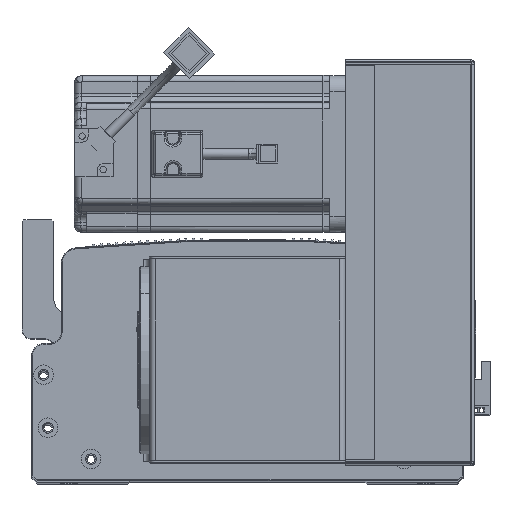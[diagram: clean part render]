
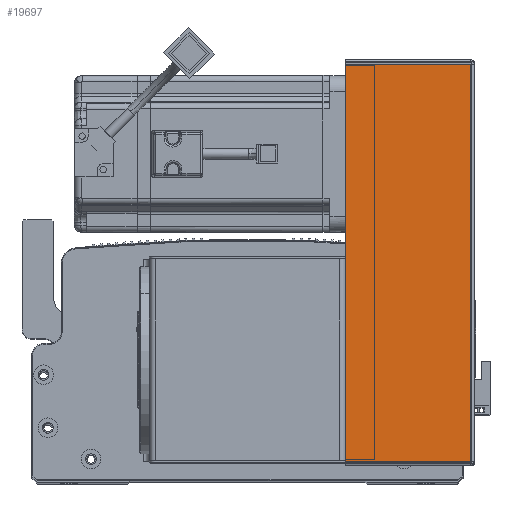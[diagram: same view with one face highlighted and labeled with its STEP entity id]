
A CAD part, top view. The second image highlights one B-rep face of the part: STEP entity #19697.
In plain terms, the highlighted planar face has unit normal (0, 0, 1) as drawn and (0, -1, 0) by its records, which use the part's own axes.
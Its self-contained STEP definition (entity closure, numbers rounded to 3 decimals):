
#1167 = VECTOR ( 'NONE', #31283, 1000. ) ;
#2710 = EDGE_LOOP ( 'NONE', ( #53351, #31908, #28124, #54048 ) ) ;
#6711 = CARTESIAN_POINT ( 'NONE',  ( 64.5, -1.5, 0. ) ) ;
#7996 = DIRECTION ( 'NONE',  ( 0., 1., 0. ) ) ;
#8805 = PLANE ( 'NONE',  #14817 ) ;
#12129 = VERTEX_POINT ( 'NONE', #42213 ) ;
#14817 = AXIS2_PLACEMENT_3D ( 'NONE', #70795, #7996, #14856 ) ;
#14856 = DIRECTION ( 'NONE',  ( -1., 0., 0. ) ) ;
#16224 = CARTESIAN_POINT ( 'NONE',  ( 0.737, -1.5, 0. ) ) ;
#17384 = VECTOR ( 'NONE', #74935, 1000. ) ;
#17730 = CARTESIAN_POINT ( 'NONE',  ( 0., -1.5, -0.707 ) ) ;
#19697 = ADVANCED_FACE ( 'NONE', ( #60911 ), #8805, .F. ) ;
#19786 = VERTEX_POINT ( 'NONE', #54014 ) ;
#21832 = LINE ( 'NONE', #6711, #22806 ) ;
#22806 = VECTOR ( 'NONE', #75852, 1000. ) ;
#27538 = LINE ( 'NONE', #16224, #66032 ) ;
#28124 = ORIENTED_EDGE ( 'NONE', *, *, #65691, .T. ) ;
#30776 = LINE ( 'NONE', #17730, #1167 ) ;
#31283 = DIRECTION ( 'NONE',  ( 1., 0., 0. ) ) ;
#31908 = ORIENTED_EDGE ( 'NONE', *, *, #73469, .T. ) ;
#33366 = VERTEX_POINT ( 'NONE', #58250 ) ;
#42213 = CARTESIAN_POINT ( 'NONE',  ( 64.5, -1.5, -0.707 ) ) ;
#46777 = EDGE_CURVE ( 'NONE', #33366, #12129, #30776, .T. ) ;
#47690 = DIRECTION ( 'NONE',  ( 0., 0., 1. ) ) ;
#53351 = ORIENTED_EDGE ( 'NONE', *, *, #79011, .F. ) ;
#54014 = CARTESIAN_POINT ( 'NONE',  ( 64.5, -1.5, -203.293 ) ) ;
#54048 = ORIENTED_EDGE ( 'NONE', *, *, #46777, .F. ) ;
#58250 = CARTESIAN_POINT ( 'NONE',  ( 0.737, -1.5, -0.707 ) ) ;
#60911 = FACE_OUTER_BOUND ( 'NONE', #2710, .T. ) ;
#64893 = VERTEX_POINT ( 'NONE', #81439 ) ;
#65691 = EDGE_CURVE ( 'NONE', #19786, #12129, #21832, .T. ) ;
#66032 = VECTOR ( 'NONE', #47690, 1000. ) ;
#70795 = CARTESIAN_POINT ( 'NONE',  ( 0., -1.5, 0. ) ) ;
#72549 = LINE ( 'NONE', #74124, #17384 ) ;
#73469 = EDGE_CURVE ( 'NONE', #64893, #19786, #72549, .T. ) ;
#74124 = CARTESIAN_POINT ( 'NONE',  ( 0., -1.5, -203.293 ) ) ;
#74935 = DIRECTION ( 'NONE',  ( 1., 0., 0. ) ) ;
#75852 = DIRECTION ( 'NONE',  ( 0., 0., 1. ) ) ;
#79011 = EDGE_CURVE ( 'NONE', #64893, #33366, #27538, .T. ) ;
#81439 = CARTESIAN_POINT ( 'NONE',  ( 0.737, -1.5, -203.293 ) ) ;

==*==

_WHAT YOU NEED TO DO_: Go to the line with "#31283 = DIRECTION" in the entries above and repeat every line from there through the line with "#65691 = EDGE_CURVE", exactly and with no other text.

_WRITTEN ANSWER_:
#31283 = DIRECTION ( 'NONE',  ( 1., 0., 0. ) ) ;
#31908 = ORIENTED_EDGE ( 'NONE', *, *, #73469, .T. ) ;
#33366 = VERTEX_POINT ( 'NONE', #58250 ) ;
#42213 = CARTESIAN_POINT ( 'NONE',  ( 64.5, -1.5, -0.707 ) ) ;
#46777 = EDGE_CURVE ( 'NONE', #33366, #12129, #30776, .T. ) ;
#47690 = DIRECTION ( 'NONE',  ( 0., 0., 1. ) ) ;
#53351 = ORIENTED_EDGE ( 'NONE', *, *, #79011, .F. ) ;
#54014 = CARTESIAN_POINT ( 'NONE',  ( 64.5, -1.5, -203.293 ) ) ;
#54048 = ORIENTED_EDGE ( 'NONE', *, *, #46777, .F. ) ;
#58250 = CARTESIAN_POINT ( 'NONE',  ( 0.737, -1.5, -0.707 ) ) ;
#60911 = FACE_OUTER_BOUND ( 'NONE', #2710, .T. ) ;
#64893 = VERTEX_POINT ( 'NONE', #81439 ) ;
#65691 = EDGE_CURVE ( 'NONE', #19786, #12129, #21832, .T. ) ;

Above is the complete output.